Implementing AI tools in real-life work often ends up costing as much time and money in troubleshooting and setup as its practitioners hope to save with the tools themselves. Getting the process right means focusing AI’s terrific (and expensive) computing power where it can be most useful.

One frequent hurdle is sifting through “unstructured data”—various files like PDFs and documents on company drives—and converting them into a format that AI can easily process. Unstructured Technologies was founded in July 2022, and two months later, it released its first open-source product—a platform that converts these complex, unstructured data formats into AI-friendly JSON files. The company spent 16 months analyzing more than 1 million annotated documents and stitched together over 400 different code libraries, plus its own custom code, to build a platform that can break a document into its constituent parts and identify its components, such as its header, tables, and more.

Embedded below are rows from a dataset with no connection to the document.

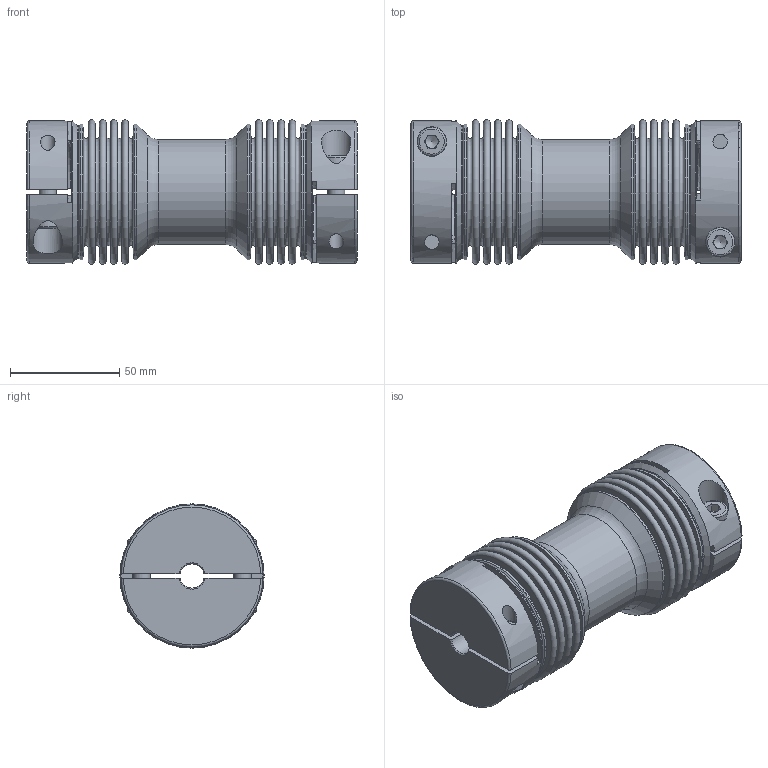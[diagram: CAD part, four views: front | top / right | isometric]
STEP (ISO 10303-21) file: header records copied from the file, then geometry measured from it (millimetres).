
FILE_DESCRIPTION(/* description */ ('Unknown','CAx-IF Rec.Pracs.---Representation and Presentation of Product Manufacturing Information (PMI)---4.0---2014-10-13','CAx-IF Rec.Pracs.---3D Tessellated Geometry---0.4---2014-09-14','2;1'),/* implementation_level */ '2;1');
FILE_NAME(/* name */ 'WDB 100',/* time_stamp */ '2023-01-16T11:48:40+01:00',/* author */ ('Unknown'),/* organization */ ('Unknown'),/* preprocessor_version */ 'ST-DEVELOPER v18.102',/* originating_system */ 'Solid Edge',/* authorisation */ 'Unknown');
FILE_SCHEMA (('AP242_MANAGED_MODEL_BASED_3D_ENGINEERING_MIM_LF { 1 0 10303 442 1 1 4 }'));
Length unit declared in the file: millimetre
Products named in the file (1): 16824409
Bounding box: 150.87 x 66 x 66 mm (x, y, z)
Volume: 189869 mm3; surface area: 139981.6 mm2
Topology: 1 solids, 3 shells, 260 faces, 571 edges, 365 vertices
Faces by surface type: plane 122, torus 56, cylinder 52, cone 30
Full cylindrical faces by diameter (mm): 6.647 x8, 8 x4, 8.5 x4, 13 x4, 13.5 x4, 42 x1, 46 x4, 48 x1, 61 x4, 62 x4, 65 x2
Entity records: 8774 total; most frequent: CARTESIAN_POINT 1711, DIRECTION 1144, ORIENTED_EDGE 852, AXIS2_PLACEMENT_3D 504, FACE_BOUND 436, EDGE_LOOP 432, EDGE_CURVE 426, VERTEX_POINT 334

Since launch, the company’s open-source software has been downloaded over 6 million times, and Unstructured has been used by more than 35,000 companies and government organizations, including McKinsey & Company, BlackRock, the U.S. Air Force, U.S. Space Force, and United States Special Operations Command.

The company—which says it’s expecting to hit $5 million in revenue in 2023 and $12 million in 2024—raised $25 million from the likes of Bain Capital Venture Associates and MongoDB Ventures in July 2023, and another $40 million earlier this March.